Which brings me to the fundamental confusion. ISIS the group is different from ISIS, the global Jihad brand. ISIS, the group, with its very successful social media campaign, an irony given their Luddite roots, has caught the attention of many Islamic groups all over the world, with very different political compulsions and goals. and thus created ISIS, the brand.
In Kashmir, the raising of ISIS flags is the adoption of the supremacist brand of Islam, rather than a deep acceptance of Salafi principles. A Kashmiri militant’s enemy is the Indian government and the Kashmiri Pandit, he has no history with the troops of Bashar-al-Assad, nor does he want the fall of the House of Saud. The same way, the ISIS leader, sitting in Mosul, won’t be able to point out Kashmir on a map, and wouldnt even care for the struggles of non-Arab Muslims of any denomination, unless for strategic brand-building reasons. And yet both are being referred to as ISIS in the eight o clock news, which is where the confusion originates.
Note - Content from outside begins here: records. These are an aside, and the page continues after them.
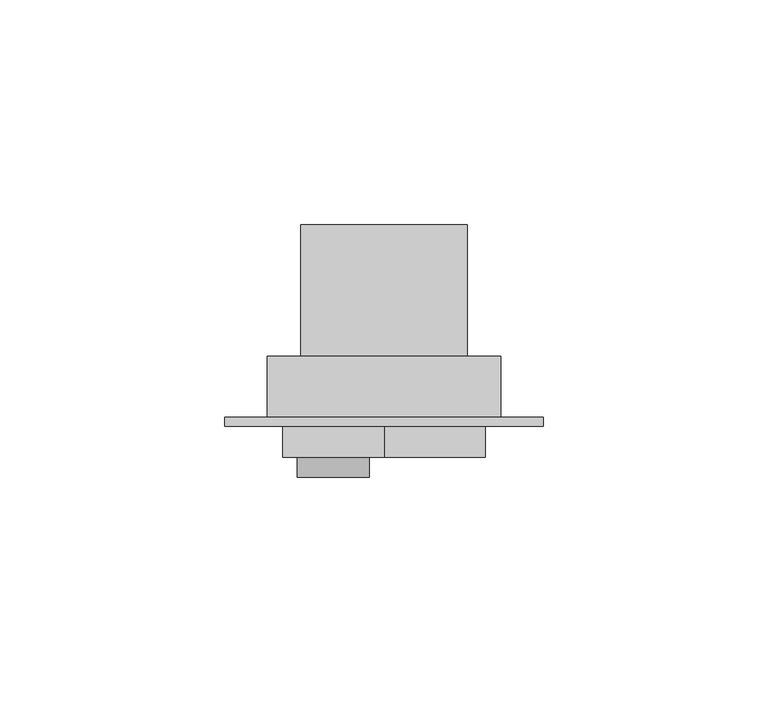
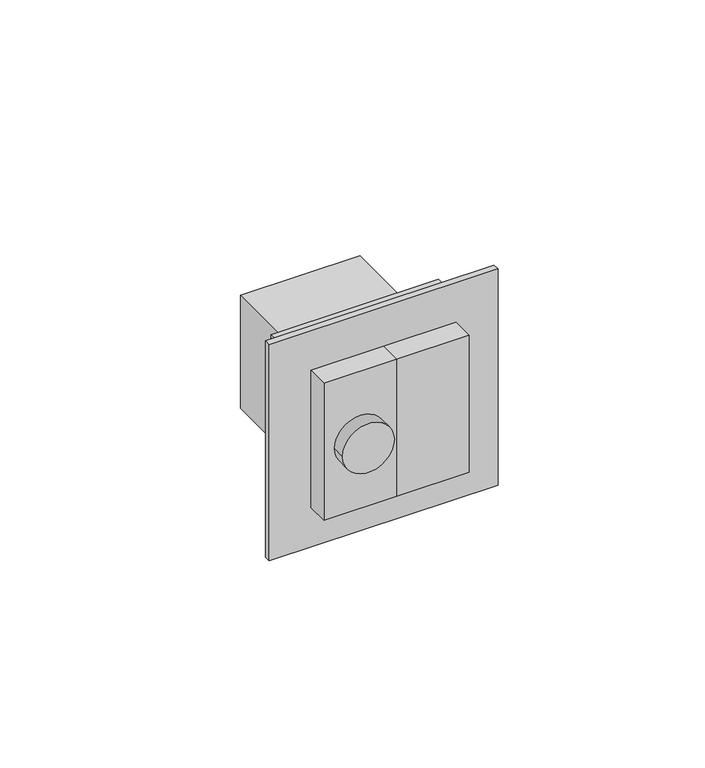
"""IFC4 building model written with IfcOpenShell, lengths in millimetres: proxy geometry."""

from ifc_helpers import new_model, si_unit, point, frame, frame_2d, origin, place, context, project, spatial, polyline, circle_curve, trimmed, segment, composite_curve, outline, extrude, faceted_brep, source, transform, mapped, element, save


def electrical_fixtures_0ded3fe8(model_context):
    return source(origin(), model_context, "Body", "SolidModel", [
        extrude(outline(composite_curve([segment(trimmed(circle_curve(frame_2d((0.0, -11.25)), 8.0), [point((0.0, -19.25))], [point((0.0, -3.25))], False, "CARTESIAN"), True, "CONTINUOUS"), segment(trimmed(circle_curve(frame_2d((0.0, -11.25)), 8.0), [point((0.0, -3.25))], [point((0.0, -19.25))], False, "CARTESIAN"), True, "CONTINUOUS")], self_intersect=False)), frame((0.0, -48.1, 0.0), z_axis=(0.0, 1.0, 0.0), x_axis=(0.0, 0.0, 1.0)), (0.0, 0.0, 1.0), 4.4),
        extrude(outline(polyline([(0.0, -36.7), (0.0, -43.7), (-22.5, -43.7), (-22.5, -36.7), (0.0, -36.7)])), frame((0.0, 0.0, -22.5), z_axis=(0.0, 0.0, 1.0), x_axis=(1.0, 0.0, 0.0)), (0.0, 0.0, 1.0), 45.0),
        extrude(outline(polyline([(22.5, -36.7), (22.5, -43.7), (0.0, -43.7), (0.0, -36.7), (22.5, -36.7)])), frame((0.0, 0.0, -22.5), z_axis=(0.0, 0.0, 1.0), x_axis=(1.0, 0.0, 0.0)), (0.0, 0.0, 1.0), 45.0),
        faceted_brep([(35.45, -34.7, -35.45), (-35.45, -34.7, -35.45), (-35.45, -34.7, 35.45), (35.45, -34.7, 35.45), (-26.0, -34.7, -26.0), (26.0, -34.7, -26.0), (26.0, -34.7, 26.0), (-26.0, -34.7, 26.0), (35.45, -36.7, -35.45), (35.45, -36.7, 35.45), (-35.45, -36.7, 35.45), (-35.45, -36.7, -35.45), (26.0, -21.2, -26.0), (-26.0, -21.2, -26.0), (-26.0, -21.2, 26.0), (26.0, -21.2, 26.0), (-18.5, -21.2, -18.5), (18.5, -21.2, -18.5), (18.5, -21.2, 18.5), (-18.5, -21.2, 18.5), (18.5, 8.1, -18.5), (-18.5, 8.1, -18.5), (-18.5, 8.1, 18.5), (18.5, 8.1, 18.5)], [[[0, 1, 2, 3], [4, 5, 6, 7]], [[8, 9, 10, 11]], [[1, 0, 8, 11]], [[2, 1, 11, 10]], [[3, 2, 10, 9]], [[0, 3, 9, 8]], [[12, 13, 14, 15], [16, 17, 18, 19]], [[13, 12, 5, 4]], [[14, 13, 4, 7]], [[15, 14, 7, 6]], [[12, 15, 6, 5]], [[20, 21, 22, 23]], [[21, 20, 17, 16]], [[22, 21, 16, 19]], [[23, 22, 19, 18]], [[20, 23, 18, 17]]]),
    ])


if __name__ == "__main__":
    model = new_model("IFC4")
    model_context = context("Model", 3, world=origin())
    ifc_project = project(units=[si_unit("LENGTHUNIT", "METRE", prefix="MILLI")], contexts=[model_context])
    site = spatial("IfcSite", under=ifc_project)
    building = spatial("IfcBuilding", under=site)
    placement = place(None, origin())
    electrical_fixtures_shape = electrical_fixtures_0ded3fe8(model_context)
    element("IfcBuildingElementProxy", 1, Name="Electrical Fixtures", at=placement, inside=building, context=model_context, shape_type="MappedRepresentation", body=[
        mapped(electrical_fixtures_shape, transform((0.0, 0.0, 0.0), x_axis=(1.0, 0.0, 0.0), y_axis=(0.0, 1.0, 0.0), z_axis=(0.0, 0.0, 1.0))),
    ])
    save(model, "model.ifc")
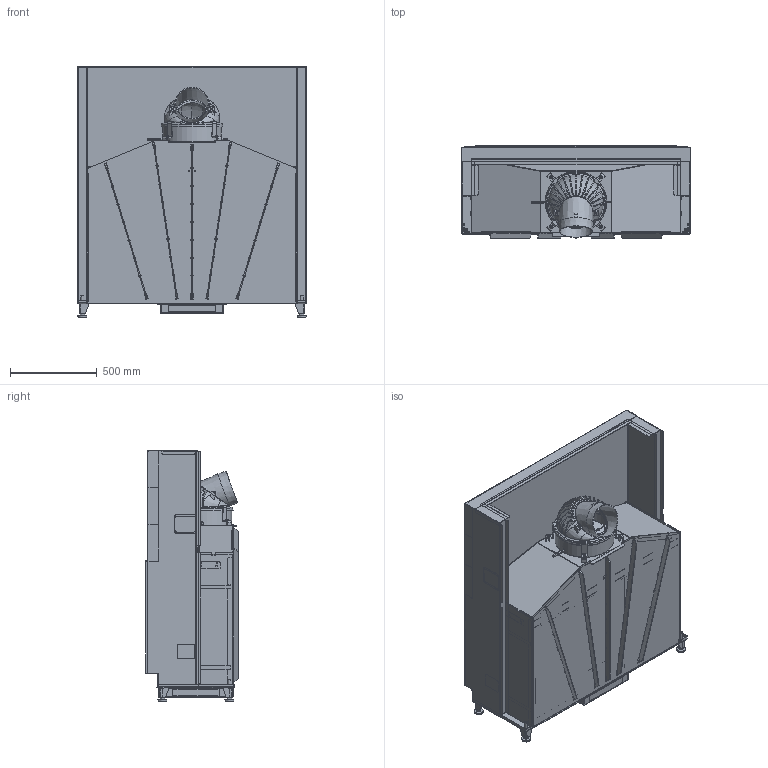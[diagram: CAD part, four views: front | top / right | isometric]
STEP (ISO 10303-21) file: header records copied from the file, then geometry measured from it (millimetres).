
FILE_DESCRIPTION(/* description */ (''),/* implementation_level */ '2;1');
FILE_NAME(/* name */ 'C:\ADSK_DM_WS\CAD_3D\03 Geraete\Violino 65x116\Zeichnungen\Violino 65x116 Abgang hinten ohne Mantel.stp',/* time_stamp */ '2022-11-18T10:12:05+01:00',/* author */ ('CPI'),/* organization */ (''),/* preprocessor_version */ 'ST-DEVELOPER v18.1',/* originating_system */ 'Autodesk Inventor 2022',/* authorisation */ '');
FILE_SCHEMA (('AUTOMOTIVE_DESIGN { 1 0 10303 214 3 1 1 }'));
Products named in the file (7): 2022-04362; 2022-04349; 2022-04359; 2022-04357; 2022-04355; 2022-04353; 2022-04351
Assembly tree (6 placements, depth 2):
  2022-04362
    2022-04349
    2022-04359
    2022-04357
    2022-04355
    2022-04353
    2022-04351
Bounding box: 1326 x 534.5 x 1448 mm (x, y, z)
Volume: 93006356.7 mm3; surface area: 23769101.2 mm2
Topology: 15 solids, 18 shells, 6244 faces, 17108 edges, 10778 vertices
Faces by surface type: plane 3537, cylinder 2324, bspline 201, cone 142, torus 40
Full cylindrical faces by diameter (mm): 4.5 x4, 4.8 x12, 5.6 x1, 7 x2, 7.323 x2, 8 x12, 9.5 x12, 10 x7, 11.4 x6, 16 x18, 30 x4, 163 x1, 333 x1, 339 x1
Entity records: 210392 total; most frequent: CARTESIAN_POINT 43652, ORIENTED_EDGE 34244, DIRECTION 33256, EDGE_CURVE 17130, LINE 11398, VECTOR 11398, AXIS2_PLACEMENT_3D 10929, VERTEX_POINT 10778
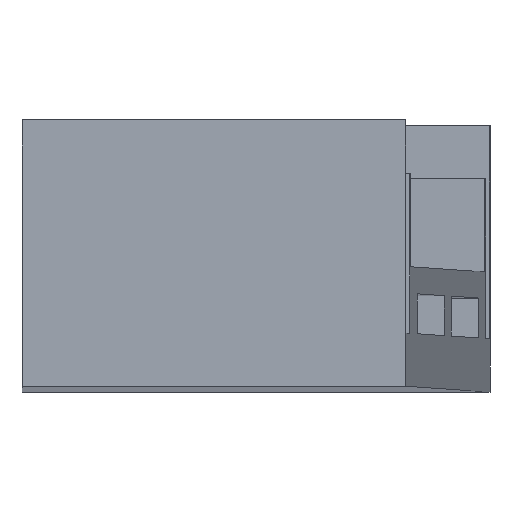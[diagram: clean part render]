
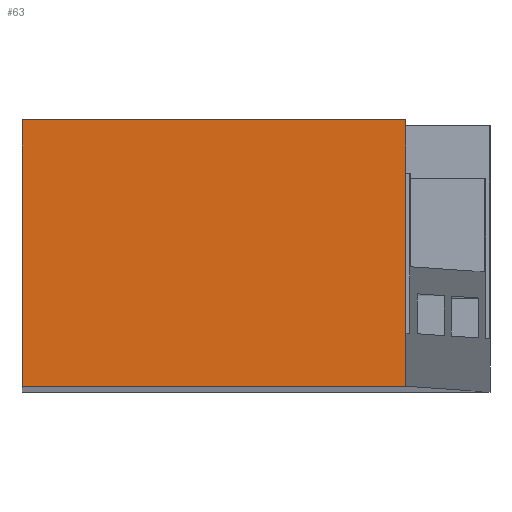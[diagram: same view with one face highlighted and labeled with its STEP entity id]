
A CAD part, top view. The second image highlights one B-rep face of the part: STEP entity #63.
In plain terms, the highlighted planar face has unit normal (0, 0, 1).
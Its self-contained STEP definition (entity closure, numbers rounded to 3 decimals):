
#63=ADVANCED_FACE('',(#119),#121,.T.);
#119=FACE_BOUND('',#120,.T.);
#120=EDGE_LOOP('',(#294,#295,#296,#297));
#121=PLANE('',#122);
#122=AXIS2_PLACEMENT_3D('',#123,#124,#125);
#123=CARTESIAN_POINT('',(0.,0.,125.));
#124=DIRECTION('',(0.,0.,1.));
#125=DIRECTION('',(1.,0.,0.));
#294=ORIENTED_EDGE('',*,*,#438,.T.);
#295=ORIENTED_EDGE('',*,*,#439,.T.);
#296=ORIENTED_EDGE('',*,*,#440,.T.);
#297=ORIENTED_EDGE('',*,*,#441,.T.);
#438=EDGE_CURVE('',#530,#531,#532,.F.);
#439=EDGE_CURVE('',#531,#533,#534,.T.);
#440=EDGE_CURVE('',#533,#535,#536,.F.);
#441=EDGE_CURVE('',#535,#530,#537,.T.);
#530=VERTEX_POINT('',#690);
#531=VERTEX_POINT('',#691);
#532=LINE('',#692,#693);
#533=VERTEX_POINT('',#695);
#534=LINE('',#696,#697);
#535=VERTEX_POINT('',#699);
#536=LINE('',#700,#701);
#537=LINE('',#703,#704);
#690=CARTESIAN_POINT('',(15.421,-454.555,125.));
#691=CARTESIAN_POINT('',(15.421,-444.555,125.));
#692=CARTESIAN_POINT('',(15.421,-444.555,125.));
#693=VECTOR('',#694,1.);
#694=DIRECTION('',(0.,-1.,0.));
#695=CARTESIAN_POINT('',(1.025,-444.555,125.));
#696=CARTESIAN_POINT('',(15.421,-444.555,125.));
#697=VECTOR('',#698,1.);
#698=DIRECTION('',(-1.,0.,0.));
#699=CARTESIAN_POINT('',(1.025,-454.555,125.));
#700=CARTESIAN_POINT('',(1.025,-454.555,125.));
#701=VECTOR('',#702,1.);
#702=DIRECTION('',(0.,1.,0.));
#703=CARTESIAN_POINT('',(1.025,-454.555,125.));
#704=VECTOR('',#705,1.);
#705=DIRECTION('',(1.,0.,0.));

Similarly, when a bunch of rich Dhaka boys, bored with their life of privilege, take a crash course online in Salafi philosophy, take some pictures and send them off to the ISIS social media people, they end up appropriating Arab headgear and their names, but are unable to lose their Bangali identity. That is why they go around the restaurant butchering guests, they ask “Are you Bangali?”. In their fundamentalism-addled brain, the Salafi philosophy has been cross-producted with their Bangali identity, leading them to equate “non-Bengali” with “non-Islamic”. Were their victims 90% Muslims? I am guessing, given their criterion of releasing people who could reside the Quaran, possibly not. What about the Paris bombings? What about the Florida night-club shootings? What was the religious distribution of the victims there? One can go on, but the point, I believe has been made.
The crisis we find ourselves today is less from ISIS the organization, which is largely contained in a small area and will not expand, but ISIS the brand. Islamic groups, and damaged individuals, across the world, who adopt the brand do to serve their own political interests or to provide a religious justification for their homicidal agendas. Just as we can do without targetting an entire religion for the activities of a few, as Donald Trump and Islamophobes of different hues say we do, so too can do without the semantic sleight of hand of trivializing the threat of ISIS, by conflating the organization in Syria-Iraq by the name of ISIS with the global brand of radical Islamic fundamentalism which goes by the same name.